◆ What is required
Of the records that follow, copy only the lines from the line containing "#2968 = LINE ( 'NONE', #5927, #4375 ) ;" to the line containing "#4351 = ORIENTED_EDGE", both included, exactly as written.

[Collected data entries]
==============================

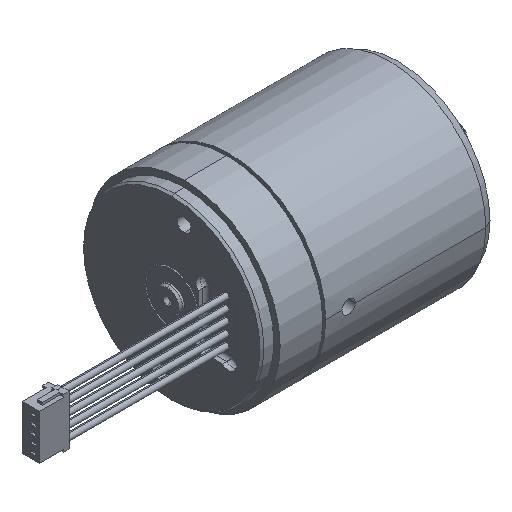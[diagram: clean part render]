
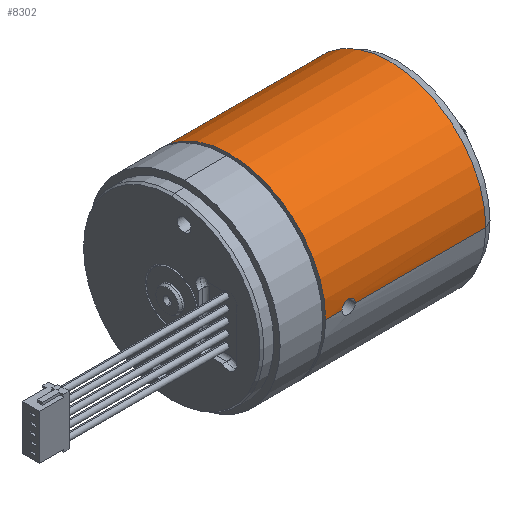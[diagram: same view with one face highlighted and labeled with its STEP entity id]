
A CAD part, isometric view. The second image highlights one B-rep face of the part: STEP entity #8302.
In plain terms, the highlighted cylindrical face has radius 11.5 mm (diameter 23 mm), a partial arc.
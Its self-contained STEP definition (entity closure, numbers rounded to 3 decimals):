
#114 = VERTEX_POINT ( 'NONE', #8420 ) ;
#193 = CARTESIAN_POINT ( 'NONE',  ( -10.25, -11.5, 0. ) ) ;
#426 = CARTESIAN_POINT ( 'NONE',  ( -8.959, -11.482, 0.64 ) ) ;
#1007 = CIRCLE ( 'NONE', #11086, 11.5 ) ;
#1033 = CARTESIAN_POINT ( 'NONE',  ( -9.346, -11.472, 0.8 ) ) ;
#1233 = CARTESIAN_POINT ( 'NONE',  ( -8.671, -11.499, 0.209 ) ) ;
#1360 = VERTEX_POINT ( 'NONE', #7255 ) ;
#1404 = CARTESIAN_POINT ( 'NONE',  ( -8.65, 11.5, 0.209 ) ) ;
#1482 = CARTESIAN_POINT ( 'NONE',  ( -8.958, 11.482, 0.639 ) ) ;
#1609 = ORIENTED_EDGE ( 'NONE', *, *, #2553, .T. ) ;
#1664 = CARTESIAN_POINT ( 'NONE',  ( 7., -11.5, 0. ) ) ;
#1887 = VERTEX_POINT ( 'NONE', #5216 ) ;
#2367 = CIRCLE ( 'NONE', #8386, 11.5 ) ;
#2527 = B_SPLINE_CURVE_WITH_KNOTS ( 'NONE', 3,
 ( #5931, #1404, #8675, #1482, #3362, #10587, #2577, #3404, #3445, #11596, #11552, #8046, #10657, #11678 ),
 .UNSPECIFIED., .F., .F.,
 ( 4, 2, 2, 2, 2, 2, 4 ),
 ( 0.003, 0.003, 0.003, 0.004, 0.004, 0.004, 0.005 ),
 .UNSPECIFIED. ) ;
#2553 = EDGE_CURVE ( 'NONE', #5768, #9321, #11249, .T. ) ;
#2577 = CARTESIAN_POINT ( 'NONE',  ( -9.344, 11.472, 0.8 ) ) ;
#2738 = ORIENTED_EDGE ( 'NONE', *, *, #11549, .T. ) ;
#2835 = CARTESIAN_POINT ( 'NONE',  ( -10.25, 11.5, 0. ) ) ;
#2958 = VERTEX_POINT ( 'NONE', #3883 ) ;
#2968 = LINE ( 'NONE', #5927, #4375 ) ;
#2969 = CARTESIAN_POINT ( 'NONE',  ( -10.25, -11.5, 0.106 ) ) ;
#3022 = EDGE_CURVE ( 'NONE', #1360, #5977, #1007, .T. ) ;
#3037 = EDGE_CURVE ( 'NONE', #114, #2958, #3160, .T. ) ;
#3080 = CARTESIAN_POINT ( 'NONE',  ( -8.81, -11.49, 0.491 ) ) ;
#3160 = LINE ( 'NONE', #7446, #5703 ) ;
#3306 = CARTESIAN_POINT ( 'NONE',  ( -8.65, -11.5, 0. ) ) ;
#3362 = CARTESIAN_POINT ( 'NONE',  ( -9.046, 11.479, 0.699 ) ) ;
#3404 = CARTESIAN_POINT ( 'NONE',  ( -9.555, 11.472, 0.8 ) ) ;
#3445 = CARTESIAN_POINT ( 'NONE',  ( -9.659, 11.474, 0.779 ) ) ;
#3741 = CARTESIAN_POINT ( 'NONE',  ( 9.868, -11.5, 0. ) ) ;
#3883 = CARTESIAN_POINT ( 'NONE',  ( 7., 11.5, 0. ) ) ;
#3950 = CARTESIAN_POINT ( 'NONE',  ( -9.047, -11.479, 0.699 ) ) ;
#3981 = CARTESIAN_POINT ( 'NONE',  ( -9.241, -11.474, 0.779 ) ) ;
#4030 = CARTESIAN_POINT ( 'NONE',  ( 9.868, 11.5, 0. ) ) ;
#4055 = CARTESIAN_POINT ( 'NONE',  ( -8.751, -11.493, 0.403 ) ) ;
#4351 = ORIENTED_EDGE ( 'NONE', *, *, #7702, .F. ) ;
#4375 = VECTOR ( 'NONE', #5970, 1000. ) ;
#4752 = DIRECTION ( 'NONE',  ( -1., 0., 0. ) ) ;
#5216 = CARTESIAN_POINT ( 'NONE',  ( -10.25, -11.5, 0. ) ) ;
#5229 = LINE ( 'NONE', #4030, #9206 ) ;
#5692 = CARTESIAN_POINT ( 'NONE',  ( -9.868, -11.479, 0.713 ) ) ;
#5703 = VECTOR ( 'NONE', #8368, 1000. ) ;
#5711 = DIRECTION ( 'NONE',  ( 1., 0., 0. ) ) ;
#5768 = VERTEX_POINT ( 'NONE', #3306 ) ;
#5845 = DIRECTION ( 'NONE',  ( 1., 0., 0. ) ) ;
#5927 = CARTESIAN_POINT ( 'NONE',  ( 9.868, -11.5, 0. ) ) ;
#5931 = CARTESIAN_POINT ( 'NONE',  ( -8.65, 11.5, 0. ) ) ;
#5970 = DIRECTION ( 'NONE',  ( 1., 0., 0. ) ) ;
#5977 = VERTEX_POINT ( 'NONE', #9967 ) ;
#6034 = DIRECTION ( 'NONE',  ( 1., 0., 0. ) ) ;
#6182 = VERTEX_POINT ( 'NONE', #2835 ) ;
#6206 = FACE_OUTER_BOUND ( 'NONE', #10170, .T. ) ;
#6405 = VECTOR ( 'NONE', #5711, 1000. ) ;
#6448 = CARTESIAN_POINT ( 'NONE',  ( -10.229, -11.498, 0.21 ) ) ;
#6483 = CARTESIAN_POINT ( 'NONE',  ( -10.089, -11.49, 0.492 ) ) ;
#6497 = CYLINDRICAL_SURFACE ( 'NONE', #9499, 11.5 ) ;
#6601 = CARTESIAN_POINT ( 'NONE',  ( -9.659, -11.472, 0.8 ) ) ;
#6751 = DIRECTION ( 'NONE',  ( 0., 1., 0. ) ) ;
#6828 = B_SPLINE_CURVE_WITH_KNOTS ( 'NONE', 3,
 ( #193, #2969, #6448, #10116, #6483, #5692, #6601, #1033, #3981, #3950, #426, #3080, #4055, #1233, #9379, #10304 ),
 .UNSPECIFIED., .F., .F.,
 ( 4, 2, 2, 2, 2, 2, 2, 4 ),
 ( 0., 0., 0.001, 0.001, 0.002, 0.002, 0.002, 0.003 ),
 .UNSPECIFIED. ) ;
#6840 = ORIENTED_EDGE ( 'NONE', *, *, #3037, .F. ) ;
#6907 = CARTESIAN_POINT ( 'NONE',  ( 7., 0., 0. ) ) ;
#7195 = ORIENTED_EDGE ( 'NONE', *, *, #3022, .F. ) ;
#7255 = CARTESIAN_POINT ( 'NONE',  ( -12.2, -11.5, 0. ) ) ;
#7446 = CARTESIAN_POINT ( 'NONE',  ( 9.868, 11.5, 0. ) ) ;
#7702 = EDGE_CURVE ( 'NONE', #5977, #6182, #5229, .T. ) ;
#7858 = EDGE_CURVE ( 'NONE', #1360, #1887, #2968, .T. ) ;
#8046 = CARTESIAN_POINT ( 'NONE',  ( -10.163, 11.493, 0.419 ) ) ;
#8302 = ADVANCED_FACE ( 'NONE', ( #6206 ), #6497, .T. ) ;
#8368 = DIRECTION ( 'NONE',  ( 1., 0., 0. ) ) ;
#8386 = AXIS2_PLACEMENT_3D ( 'NONE', #6907, #6034, #9651 ) ;
#8420 = CARTESIAN_POINT ( 'NONE',  ( -8.65, 11.5, 0. ) ) ;
#8675 = CARTESIAN_POINT ( 'NONE',  ( -8.737, 11.493, 0.418 ) ) ;
#8779 = ORIENTED_EDGE ( 'NONE', *, *, #9083, .T. ) ;
#8805 = ORIENTED_EDGE ( 'NONE', *, *, #9165, .F. ) ;
#9083 = EDGE_CURVE ( 'NONE', #1887, #5768, #6828, .T. ) ;
#9165 = EDGE_CURVE ( 'NONE', #2958, #9321, #2367, .T. ) ;
#9206 = VECTOR ( 'NONE', #5845, 1000. ) ;
#9232 = CARTESIAN_POINT ( 'NONE',  ( -12.2, 0., 0. ) ) ;
#9321 = VERTEX_POINT ( 'NONE', #1664 ) ;
#9346 = DIRECTION ( 'NONE',  ( 0., -1., 0. ) ) ;
#9379 = CARTESIAN_POINT ( 'NONE',  ( -8.65, -11.5, 0.104 ) ) ;
#9499 = AXIS2_PLACEMENT_3D ( 'NONE', #9533, #10338, #6751 ) ;
#9533 = CARTESIAN_POINT ( 'NONE',  ( 9.868, 0., 0. ) ) ;
#9651 = DIRECTION ( 'NONE',  ( 0., 1., 0. ) ) ;
#9967 = CARTESIAN_POINT ( 'NONE',  ( -12.2, 11.5, 0. ) ) ;
#10116 = CARTESIAN_POINT ( 'NONE',  ( -10.149, -11.493, 0.403 ) ) ;
#10170 = EDGE_LOOP ( 'NONE', ( #7195, #10315, #8779, #1609, #8805, #6840, #2738, #4351 ) ) ;
#10304 = CARTESIAN_POINT ( 'NONE',  ( -8.65, -11.5, 0. ) ) ;
#10315 = ORIENTED_EDGE ( 'NONE', *, *, #7858, .T. ) ;
#10338 = DIRECTION ( 'NONE',  ( 1., 0., 0. ) ) ;
#10587 = CARTESIAN_POINT ( 'NONE',  ( -9.24, 11.474, 0.779 ) ) ;
#10657 = CARTESIAN_POINT ( 'NONE',  ( -10.25, 11.5, 0.211 ) ) ;
#11086 = AXIS2_PLACEMENT_3D ( 'NONE', #9232, #4752, #9346 ) ;
#11249 = LINE ( 'NONE', #3741, #6405 ) ;
#11549 = EDGE_CURVE ( 'NONE', #114, #6182, #2527, .T. ) ;
#11552 = CARTESIAN_POINT ( 'NONE',  ( -9.941, 11.482, 0.64 ) ) ;
#11596 = CARTESIAN_POINT ( 'NONE',  ( -9.853, 11.479, 0.699 ) ) ;
#11678 = CARTESIAN_POINT ( 'NONE',  ( -10.25, 11.5, 0. ) ) ;

==============================

◆ Response below
#2968 = LINE ( 'NONE', #5927, #4375 ) ;
#2969 = CARTESIAN_POINT ( 'NONE',  ( -10.25, -11.5, 0.106 ) ) ;
#3022 = EDGE_CURVE ( 'NONE', #1360, #5977, #1007, .T. ) ;
#3037 = EDGE_CURVE ( 'NONE', #114, #2958, #3160, .T. ) ;
#3080 = CARTESIAN_POINT ( 'NONE',  ( -8.81, -11.49, 0.491 ) ) ;
#3160 = LINE ( 'NONE', #7446, #5703 ) ;
#3306 = CARTESIAN_POINT ( 'NONE',  ( -8.65, -11.5, 0. ) ) ;
#3362 = CARTESIAN_POINT ( 'NONE',  ( -9.046, 11.479, 0.699 ) ) ;
#3404 = CARTESIAN_POINT ( 'NONE',  ( -9.555, 11.472, 0.8 ) ) ;
#3445 = CARTESIAN_POINT ( 'NONE',  ( -9.659, 11.474, 0.779 ) ) ;
#3741 = CARTESIAN_POINT ( 'NONE',  ( 9.868, -11.5, 0. ) ) ;
#3883 = CARTESIAN_POINT ( 'NONE',  ( 7., 11.5, 0. ) ) ;
#3950 = CARTESIAN_POINT ( 'NONE',  ( -9.047, -11.479, 0.699 ) ) ;
#3981 = CARTESIAN_POINT ( 'NONE',  ( -9.241, -11.474, 0.779 ) ) ;
#4030 = CARTESIAN_POINT ( 'NONE',  ( 9.868, 11.5, 0. ) ) ;
#4055 = CARTESIAN_POINT ( 'NONE',  ( -8.751, -11.493, 0.403 ) ) ;
#4351 = ORIENTED_EDGE ( 'NONE', *, *, #7702, .F. ) ;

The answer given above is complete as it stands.